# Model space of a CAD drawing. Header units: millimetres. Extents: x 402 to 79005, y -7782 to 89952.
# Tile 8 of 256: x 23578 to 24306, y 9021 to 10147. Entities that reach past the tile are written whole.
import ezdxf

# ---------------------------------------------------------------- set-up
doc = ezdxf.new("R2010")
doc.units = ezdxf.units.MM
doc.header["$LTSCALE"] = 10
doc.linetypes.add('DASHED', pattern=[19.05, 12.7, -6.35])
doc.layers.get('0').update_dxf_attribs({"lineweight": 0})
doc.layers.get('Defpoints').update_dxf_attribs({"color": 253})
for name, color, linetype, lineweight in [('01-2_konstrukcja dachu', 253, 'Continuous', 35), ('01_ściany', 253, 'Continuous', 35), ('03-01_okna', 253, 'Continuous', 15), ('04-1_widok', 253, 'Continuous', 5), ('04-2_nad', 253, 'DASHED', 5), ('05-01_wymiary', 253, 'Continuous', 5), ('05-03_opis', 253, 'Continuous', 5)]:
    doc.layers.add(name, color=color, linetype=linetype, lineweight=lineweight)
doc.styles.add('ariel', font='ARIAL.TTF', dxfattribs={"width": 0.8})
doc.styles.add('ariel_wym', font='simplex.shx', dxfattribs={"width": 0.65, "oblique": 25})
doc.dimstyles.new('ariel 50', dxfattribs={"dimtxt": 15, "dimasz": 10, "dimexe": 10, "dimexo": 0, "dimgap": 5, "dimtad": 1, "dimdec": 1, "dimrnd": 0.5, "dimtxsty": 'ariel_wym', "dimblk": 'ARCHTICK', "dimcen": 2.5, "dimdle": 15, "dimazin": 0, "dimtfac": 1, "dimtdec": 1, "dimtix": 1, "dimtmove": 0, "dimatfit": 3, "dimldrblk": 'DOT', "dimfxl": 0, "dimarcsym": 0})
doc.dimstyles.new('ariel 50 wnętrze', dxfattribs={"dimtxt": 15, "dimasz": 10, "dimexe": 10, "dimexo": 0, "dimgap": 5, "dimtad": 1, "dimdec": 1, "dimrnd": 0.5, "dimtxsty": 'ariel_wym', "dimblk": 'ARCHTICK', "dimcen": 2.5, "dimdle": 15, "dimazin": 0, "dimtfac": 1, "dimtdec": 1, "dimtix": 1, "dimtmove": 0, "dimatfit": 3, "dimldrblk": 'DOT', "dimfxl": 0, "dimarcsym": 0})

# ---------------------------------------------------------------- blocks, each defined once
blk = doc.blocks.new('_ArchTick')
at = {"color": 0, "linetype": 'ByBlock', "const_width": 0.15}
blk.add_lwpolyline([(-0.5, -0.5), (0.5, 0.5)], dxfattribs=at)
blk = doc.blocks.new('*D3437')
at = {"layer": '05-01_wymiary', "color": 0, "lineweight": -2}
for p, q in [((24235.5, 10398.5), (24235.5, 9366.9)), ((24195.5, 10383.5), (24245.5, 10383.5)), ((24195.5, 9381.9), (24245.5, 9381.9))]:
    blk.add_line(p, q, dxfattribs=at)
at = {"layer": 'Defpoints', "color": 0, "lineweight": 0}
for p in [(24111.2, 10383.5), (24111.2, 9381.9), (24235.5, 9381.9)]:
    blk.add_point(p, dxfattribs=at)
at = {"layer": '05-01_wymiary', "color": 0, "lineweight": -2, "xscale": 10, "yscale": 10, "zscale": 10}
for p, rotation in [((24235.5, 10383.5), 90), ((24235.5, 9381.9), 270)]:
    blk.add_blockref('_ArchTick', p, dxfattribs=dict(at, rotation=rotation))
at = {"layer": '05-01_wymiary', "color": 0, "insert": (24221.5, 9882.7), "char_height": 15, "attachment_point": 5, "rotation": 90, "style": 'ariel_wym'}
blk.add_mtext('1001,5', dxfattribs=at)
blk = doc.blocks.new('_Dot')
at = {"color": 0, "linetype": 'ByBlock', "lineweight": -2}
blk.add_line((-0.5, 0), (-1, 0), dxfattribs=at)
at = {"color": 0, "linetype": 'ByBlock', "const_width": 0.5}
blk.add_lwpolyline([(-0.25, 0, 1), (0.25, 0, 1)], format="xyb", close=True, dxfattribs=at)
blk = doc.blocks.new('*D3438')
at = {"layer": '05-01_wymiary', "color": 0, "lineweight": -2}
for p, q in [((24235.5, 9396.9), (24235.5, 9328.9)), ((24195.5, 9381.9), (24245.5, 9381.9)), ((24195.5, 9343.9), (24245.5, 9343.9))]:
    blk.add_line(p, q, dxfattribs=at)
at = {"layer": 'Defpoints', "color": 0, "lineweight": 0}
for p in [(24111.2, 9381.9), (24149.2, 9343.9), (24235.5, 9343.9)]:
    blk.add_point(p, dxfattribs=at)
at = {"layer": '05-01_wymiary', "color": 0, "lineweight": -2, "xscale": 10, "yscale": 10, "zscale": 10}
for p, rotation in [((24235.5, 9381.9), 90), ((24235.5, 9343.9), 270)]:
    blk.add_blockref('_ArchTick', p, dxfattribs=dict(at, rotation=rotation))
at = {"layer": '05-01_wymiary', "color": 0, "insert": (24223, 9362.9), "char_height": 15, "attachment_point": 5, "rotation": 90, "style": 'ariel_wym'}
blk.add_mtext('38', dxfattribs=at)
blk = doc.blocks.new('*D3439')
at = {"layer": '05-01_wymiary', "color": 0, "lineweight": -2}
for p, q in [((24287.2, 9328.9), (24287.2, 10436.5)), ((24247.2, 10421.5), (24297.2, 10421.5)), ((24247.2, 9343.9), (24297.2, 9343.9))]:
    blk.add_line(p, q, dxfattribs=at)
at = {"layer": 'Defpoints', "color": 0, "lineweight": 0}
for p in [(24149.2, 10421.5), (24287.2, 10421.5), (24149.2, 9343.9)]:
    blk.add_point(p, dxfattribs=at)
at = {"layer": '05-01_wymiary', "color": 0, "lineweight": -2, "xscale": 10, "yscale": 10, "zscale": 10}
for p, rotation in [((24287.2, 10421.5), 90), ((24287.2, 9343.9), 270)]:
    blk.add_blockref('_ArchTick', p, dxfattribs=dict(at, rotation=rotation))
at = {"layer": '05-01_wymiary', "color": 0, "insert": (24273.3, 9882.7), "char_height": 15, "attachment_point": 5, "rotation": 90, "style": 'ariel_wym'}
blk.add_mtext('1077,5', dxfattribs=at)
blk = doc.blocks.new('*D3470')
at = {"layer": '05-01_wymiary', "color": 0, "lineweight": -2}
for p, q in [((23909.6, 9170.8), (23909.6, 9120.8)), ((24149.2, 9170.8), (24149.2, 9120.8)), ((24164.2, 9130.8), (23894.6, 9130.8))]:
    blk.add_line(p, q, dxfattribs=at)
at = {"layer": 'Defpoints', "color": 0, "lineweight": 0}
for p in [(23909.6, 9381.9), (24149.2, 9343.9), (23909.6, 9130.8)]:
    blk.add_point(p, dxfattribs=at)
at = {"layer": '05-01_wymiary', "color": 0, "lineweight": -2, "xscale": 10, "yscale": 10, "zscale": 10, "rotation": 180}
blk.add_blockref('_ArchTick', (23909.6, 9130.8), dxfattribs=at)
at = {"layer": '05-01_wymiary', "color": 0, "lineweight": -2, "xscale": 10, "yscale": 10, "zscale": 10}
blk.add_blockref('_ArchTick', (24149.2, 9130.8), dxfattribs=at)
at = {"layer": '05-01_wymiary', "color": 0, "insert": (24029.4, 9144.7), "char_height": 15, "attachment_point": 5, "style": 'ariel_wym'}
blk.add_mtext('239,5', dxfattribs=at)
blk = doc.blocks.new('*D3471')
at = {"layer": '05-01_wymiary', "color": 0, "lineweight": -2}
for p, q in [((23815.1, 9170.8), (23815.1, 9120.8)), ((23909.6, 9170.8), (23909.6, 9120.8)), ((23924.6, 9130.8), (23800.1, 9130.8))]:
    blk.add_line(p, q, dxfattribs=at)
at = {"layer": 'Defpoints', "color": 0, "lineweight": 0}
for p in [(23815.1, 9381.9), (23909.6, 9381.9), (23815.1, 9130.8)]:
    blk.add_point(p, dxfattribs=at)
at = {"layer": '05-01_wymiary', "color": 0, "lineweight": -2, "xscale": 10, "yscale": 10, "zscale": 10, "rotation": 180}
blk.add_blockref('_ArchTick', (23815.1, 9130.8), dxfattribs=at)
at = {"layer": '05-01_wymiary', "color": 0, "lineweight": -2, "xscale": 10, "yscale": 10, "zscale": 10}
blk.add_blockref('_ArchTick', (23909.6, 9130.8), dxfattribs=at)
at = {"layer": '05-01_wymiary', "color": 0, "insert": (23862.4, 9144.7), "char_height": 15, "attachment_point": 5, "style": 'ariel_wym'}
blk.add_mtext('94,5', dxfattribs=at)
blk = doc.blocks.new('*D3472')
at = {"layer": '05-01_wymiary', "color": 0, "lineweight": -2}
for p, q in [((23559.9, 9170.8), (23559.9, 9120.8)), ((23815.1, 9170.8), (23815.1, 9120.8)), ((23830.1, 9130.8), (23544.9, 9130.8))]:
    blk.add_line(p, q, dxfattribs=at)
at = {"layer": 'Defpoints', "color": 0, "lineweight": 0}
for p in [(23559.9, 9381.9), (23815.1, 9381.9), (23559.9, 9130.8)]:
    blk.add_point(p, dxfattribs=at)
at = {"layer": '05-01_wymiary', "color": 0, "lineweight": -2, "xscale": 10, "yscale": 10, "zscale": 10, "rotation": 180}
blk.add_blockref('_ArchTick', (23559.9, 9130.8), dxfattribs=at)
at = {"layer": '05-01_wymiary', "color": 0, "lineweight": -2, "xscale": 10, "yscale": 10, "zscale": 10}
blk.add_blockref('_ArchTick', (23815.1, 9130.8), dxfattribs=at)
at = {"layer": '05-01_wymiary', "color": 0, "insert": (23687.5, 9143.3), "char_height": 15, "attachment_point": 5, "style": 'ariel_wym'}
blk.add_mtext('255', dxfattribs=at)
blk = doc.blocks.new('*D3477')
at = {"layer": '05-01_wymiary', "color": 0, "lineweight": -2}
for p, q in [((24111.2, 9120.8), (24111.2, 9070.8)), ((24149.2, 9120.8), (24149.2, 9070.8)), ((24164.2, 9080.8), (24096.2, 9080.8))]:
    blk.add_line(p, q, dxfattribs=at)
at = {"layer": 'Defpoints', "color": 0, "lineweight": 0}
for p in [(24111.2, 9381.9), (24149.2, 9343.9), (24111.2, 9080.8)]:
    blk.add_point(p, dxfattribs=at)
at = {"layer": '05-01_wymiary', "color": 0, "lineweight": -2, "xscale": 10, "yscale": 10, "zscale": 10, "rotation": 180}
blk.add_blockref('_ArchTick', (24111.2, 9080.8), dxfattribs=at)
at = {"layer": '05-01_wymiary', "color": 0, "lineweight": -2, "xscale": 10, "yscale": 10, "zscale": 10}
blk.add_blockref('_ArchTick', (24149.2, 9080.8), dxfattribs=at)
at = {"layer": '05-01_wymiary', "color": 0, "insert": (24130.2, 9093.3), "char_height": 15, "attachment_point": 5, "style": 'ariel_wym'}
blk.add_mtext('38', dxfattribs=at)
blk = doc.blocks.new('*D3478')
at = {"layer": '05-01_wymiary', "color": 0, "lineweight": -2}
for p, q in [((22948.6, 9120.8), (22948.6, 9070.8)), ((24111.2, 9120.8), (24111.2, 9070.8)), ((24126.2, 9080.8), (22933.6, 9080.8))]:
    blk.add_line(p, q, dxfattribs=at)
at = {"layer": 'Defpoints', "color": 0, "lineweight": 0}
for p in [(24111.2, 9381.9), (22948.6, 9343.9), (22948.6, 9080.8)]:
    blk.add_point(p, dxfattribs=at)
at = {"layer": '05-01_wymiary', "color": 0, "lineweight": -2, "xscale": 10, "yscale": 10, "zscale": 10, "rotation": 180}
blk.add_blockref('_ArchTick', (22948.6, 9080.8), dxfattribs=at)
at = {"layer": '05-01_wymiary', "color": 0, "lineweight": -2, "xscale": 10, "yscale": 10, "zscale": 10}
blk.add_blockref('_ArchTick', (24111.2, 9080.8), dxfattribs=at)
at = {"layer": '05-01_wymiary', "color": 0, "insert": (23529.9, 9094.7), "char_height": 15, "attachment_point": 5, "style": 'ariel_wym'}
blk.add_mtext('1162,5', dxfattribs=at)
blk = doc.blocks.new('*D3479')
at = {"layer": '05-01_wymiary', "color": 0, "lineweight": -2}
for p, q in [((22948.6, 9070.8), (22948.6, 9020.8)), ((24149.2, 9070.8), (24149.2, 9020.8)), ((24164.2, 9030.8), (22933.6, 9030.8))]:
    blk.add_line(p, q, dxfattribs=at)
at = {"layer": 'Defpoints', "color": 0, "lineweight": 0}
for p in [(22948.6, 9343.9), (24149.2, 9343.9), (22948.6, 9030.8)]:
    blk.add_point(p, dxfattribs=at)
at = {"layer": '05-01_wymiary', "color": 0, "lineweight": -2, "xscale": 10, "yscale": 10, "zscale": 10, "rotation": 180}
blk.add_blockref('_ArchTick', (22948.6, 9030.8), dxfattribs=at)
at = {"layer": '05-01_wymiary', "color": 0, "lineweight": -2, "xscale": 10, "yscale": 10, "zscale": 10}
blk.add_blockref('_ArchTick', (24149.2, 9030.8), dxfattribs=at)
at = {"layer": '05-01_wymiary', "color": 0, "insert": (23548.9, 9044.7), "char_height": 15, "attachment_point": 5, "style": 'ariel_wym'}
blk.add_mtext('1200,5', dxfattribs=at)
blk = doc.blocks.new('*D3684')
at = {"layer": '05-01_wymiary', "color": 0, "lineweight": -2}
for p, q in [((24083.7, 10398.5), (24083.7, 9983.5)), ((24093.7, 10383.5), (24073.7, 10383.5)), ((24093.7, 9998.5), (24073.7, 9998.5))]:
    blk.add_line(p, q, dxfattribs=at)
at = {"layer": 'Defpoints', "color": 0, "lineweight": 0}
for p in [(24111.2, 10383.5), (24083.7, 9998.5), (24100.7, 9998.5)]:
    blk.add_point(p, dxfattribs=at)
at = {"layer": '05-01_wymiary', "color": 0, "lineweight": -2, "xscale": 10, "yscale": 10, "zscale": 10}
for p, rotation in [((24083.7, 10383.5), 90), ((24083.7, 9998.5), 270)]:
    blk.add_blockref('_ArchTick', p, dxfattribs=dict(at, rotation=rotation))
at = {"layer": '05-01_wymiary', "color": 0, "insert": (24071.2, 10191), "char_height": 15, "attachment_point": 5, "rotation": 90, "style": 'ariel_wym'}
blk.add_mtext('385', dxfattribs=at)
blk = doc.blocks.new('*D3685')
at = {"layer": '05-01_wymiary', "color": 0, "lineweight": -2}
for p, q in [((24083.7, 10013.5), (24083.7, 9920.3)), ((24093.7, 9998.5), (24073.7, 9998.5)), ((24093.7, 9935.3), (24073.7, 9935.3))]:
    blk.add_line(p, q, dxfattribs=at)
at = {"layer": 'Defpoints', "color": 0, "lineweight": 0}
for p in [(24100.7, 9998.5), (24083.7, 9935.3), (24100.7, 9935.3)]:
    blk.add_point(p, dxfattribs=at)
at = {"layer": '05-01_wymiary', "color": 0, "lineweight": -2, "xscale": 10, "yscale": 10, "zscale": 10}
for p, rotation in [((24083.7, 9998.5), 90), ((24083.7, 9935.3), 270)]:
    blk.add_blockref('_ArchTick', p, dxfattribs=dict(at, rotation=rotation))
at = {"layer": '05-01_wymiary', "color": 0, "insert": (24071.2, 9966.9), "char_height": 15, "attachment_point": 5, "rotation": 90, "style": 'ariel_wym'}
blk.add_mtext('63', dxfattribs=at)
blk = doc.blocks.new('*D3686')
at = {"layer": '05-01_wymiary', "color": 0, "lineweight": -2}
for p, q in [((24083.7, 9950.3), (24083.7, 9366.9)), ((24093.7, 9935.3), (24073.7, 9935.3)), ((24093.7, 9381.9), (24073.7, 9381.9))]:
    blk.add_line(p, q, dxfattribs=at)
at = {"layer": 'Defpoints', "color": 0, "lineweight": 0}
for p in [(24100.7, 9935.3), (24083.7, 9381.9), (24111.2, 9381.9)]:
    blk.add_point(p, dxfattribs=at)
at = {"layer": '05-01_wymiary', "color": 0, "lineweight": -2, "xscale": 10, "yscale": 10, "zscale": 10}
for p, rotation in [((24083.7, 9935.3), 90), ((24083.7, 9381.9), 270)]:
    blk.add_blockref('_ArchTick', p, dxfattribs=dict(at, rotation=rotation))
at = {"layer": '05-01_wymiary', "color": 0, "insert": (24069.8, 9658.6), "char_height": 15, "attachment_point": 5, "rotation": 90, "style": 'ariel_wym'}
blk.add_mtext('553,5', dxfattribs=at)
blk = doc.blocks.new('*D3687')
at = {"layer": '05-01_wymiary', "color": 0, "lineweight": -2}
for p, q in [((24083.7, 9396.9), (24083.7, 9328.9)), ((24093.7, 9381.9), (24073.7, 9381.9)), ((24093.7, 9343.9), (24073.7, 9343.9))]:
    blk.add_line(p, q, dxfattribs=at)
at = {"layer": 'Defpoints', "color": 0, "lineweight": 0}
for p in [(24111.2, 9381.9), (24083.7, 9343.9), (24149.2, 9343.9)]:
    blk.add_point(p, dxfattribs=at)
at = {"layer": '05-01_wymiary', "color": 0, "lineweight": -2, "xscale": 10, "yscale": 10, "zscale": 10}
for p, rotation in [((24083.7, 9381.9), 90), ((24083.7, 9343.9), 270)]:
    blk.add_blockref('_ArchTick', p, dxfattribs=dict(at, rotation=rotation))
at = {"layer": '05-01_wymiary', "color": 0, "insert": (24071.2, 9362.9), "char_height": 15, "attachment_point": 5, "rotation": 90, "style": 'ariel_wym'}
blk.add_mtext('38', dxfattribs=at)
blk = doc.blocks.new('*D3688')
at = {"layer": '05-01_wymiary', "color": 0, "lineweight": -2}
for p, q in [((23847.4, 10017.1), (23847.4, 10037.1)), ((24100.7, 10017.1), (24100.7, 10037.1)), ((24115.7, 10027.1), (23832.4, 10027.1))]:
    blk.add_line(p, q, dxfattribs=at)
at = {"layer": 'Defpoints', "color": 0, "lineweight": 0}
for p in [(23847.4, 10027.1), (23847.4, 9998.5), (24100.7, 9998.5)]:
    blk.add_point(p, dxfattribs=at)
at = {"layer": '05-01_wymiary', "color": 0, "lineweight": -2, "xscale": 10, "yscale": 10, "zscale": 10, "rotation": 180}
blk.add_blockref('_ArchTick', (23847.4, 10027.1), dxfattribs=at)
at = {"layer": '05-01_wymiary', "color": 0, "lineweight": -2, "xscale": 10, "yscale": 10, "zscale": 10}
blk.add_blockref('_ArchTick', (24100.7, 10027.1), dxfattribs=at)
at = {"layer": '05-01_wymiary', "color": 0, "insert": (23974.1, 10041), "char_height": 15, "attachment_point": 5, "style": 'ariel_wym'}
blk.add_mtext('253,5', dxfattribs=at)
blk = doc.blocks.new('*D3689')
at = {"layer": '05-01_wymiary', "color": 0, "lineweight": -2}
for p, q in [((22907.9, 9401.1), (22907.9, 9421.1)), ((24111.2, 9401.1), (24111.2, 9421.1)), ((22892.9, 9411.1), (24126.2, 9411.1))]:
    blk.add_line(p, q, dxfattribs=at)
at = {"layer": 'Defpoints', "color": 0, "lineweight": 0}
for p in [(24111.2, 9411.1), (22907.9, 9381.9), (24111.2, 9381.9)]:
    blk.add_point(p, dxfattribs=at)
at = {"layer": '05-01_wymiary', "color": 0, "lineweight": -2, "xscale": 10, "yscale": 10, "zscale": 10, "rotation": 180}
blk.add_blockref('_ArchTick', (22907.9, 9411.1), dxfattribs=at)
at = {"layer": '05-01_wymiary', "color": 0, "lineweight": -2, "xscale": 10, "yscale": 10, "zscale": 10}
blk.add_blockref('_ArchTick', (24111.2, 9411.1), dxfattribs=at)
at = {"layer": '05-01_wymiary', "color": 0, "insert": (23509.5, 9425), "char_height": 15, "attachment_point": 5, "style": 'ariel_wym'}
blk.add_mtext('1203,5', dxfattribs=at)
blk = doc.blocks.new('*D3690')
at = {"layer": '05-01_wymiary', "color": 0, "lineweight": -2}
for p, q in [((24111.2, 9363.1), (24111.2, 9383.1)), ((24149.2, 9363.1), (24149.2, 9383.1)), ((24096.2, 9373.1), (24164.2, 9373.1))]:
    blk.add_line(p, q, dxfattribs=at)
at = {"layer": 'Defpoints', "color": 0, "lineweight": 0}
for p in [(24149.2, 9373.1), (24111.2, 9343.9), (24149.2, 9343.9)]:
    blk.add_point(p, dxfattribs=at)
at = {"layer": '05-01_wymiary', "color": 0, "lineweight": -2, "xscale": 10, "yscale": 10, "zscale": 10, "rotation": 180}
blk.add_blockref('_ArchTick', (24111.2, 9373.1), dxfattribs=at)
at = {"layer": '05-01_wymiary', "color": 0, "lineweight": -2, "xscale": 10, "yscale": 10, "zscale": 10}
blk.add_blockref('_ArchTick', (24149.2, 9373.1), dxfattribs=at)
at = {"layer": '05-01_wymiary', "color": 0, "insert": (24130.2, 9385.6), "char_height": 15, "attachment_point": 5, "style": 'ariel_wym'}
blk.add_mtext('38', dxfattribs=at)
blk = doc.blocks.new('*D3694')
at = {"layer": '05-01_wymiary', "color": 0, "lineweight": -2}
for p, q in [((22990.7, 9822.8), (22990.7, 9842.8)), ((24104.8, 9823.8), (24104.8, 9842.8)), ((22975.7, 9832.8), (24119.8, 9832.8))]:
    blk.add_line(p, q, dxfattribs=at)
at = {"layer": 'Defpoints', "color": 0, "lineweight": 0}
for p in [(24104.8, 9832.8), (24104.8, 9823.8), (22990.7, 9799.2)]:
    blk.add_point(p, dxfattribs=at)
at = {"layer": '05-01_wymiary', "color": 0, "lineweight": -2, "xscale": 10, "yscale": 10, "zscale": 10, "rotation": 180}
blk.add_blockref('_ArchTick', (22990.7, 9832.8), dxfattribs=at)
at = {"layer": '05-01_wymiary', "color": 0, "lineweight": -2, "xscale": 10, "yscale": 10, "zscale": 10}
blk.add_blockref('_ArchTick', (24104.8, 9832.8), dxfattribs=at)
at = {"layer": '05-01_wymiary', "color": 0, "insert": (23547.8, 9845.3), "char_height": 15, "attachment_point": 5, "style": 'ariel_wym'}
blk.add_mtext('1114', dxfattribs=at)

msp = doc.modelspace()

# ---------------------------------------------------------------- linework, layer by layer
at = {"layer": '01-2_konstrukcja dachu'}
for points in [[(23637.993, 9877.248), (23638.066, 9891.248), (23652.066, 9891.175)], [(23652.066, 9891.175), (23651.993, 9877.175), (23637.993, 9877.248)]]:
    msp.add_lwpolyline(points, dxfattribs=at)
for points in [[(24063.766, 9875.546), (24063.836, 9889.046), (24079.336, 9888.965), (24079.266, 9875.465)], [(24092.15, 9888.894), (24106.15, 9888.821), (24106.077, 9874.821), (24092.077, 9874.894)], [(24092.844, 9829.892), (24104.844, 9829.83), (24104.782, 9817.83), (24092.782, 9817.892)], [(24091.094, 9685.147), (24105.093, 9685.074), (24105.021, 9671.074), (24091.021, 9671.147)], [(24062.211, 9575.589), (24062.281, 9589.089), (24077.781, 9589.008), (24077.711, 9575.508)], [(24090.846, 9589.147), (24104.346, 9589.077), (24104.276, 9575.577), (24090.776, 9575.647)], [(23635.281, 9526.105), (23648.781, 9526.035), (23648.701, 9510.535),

WHAT IS EXPECTED :: Please list every line of the records that contains "font".

PROBLEM SOLUTION ::
doc.styles.add('ariel', font='ARIAL.TTF', dxfattribs={"width": 0.8})
doc.styles.add('ariel_wym', font='simplex.shx', dxfattribs={"width": 0.65, "oblique": 25})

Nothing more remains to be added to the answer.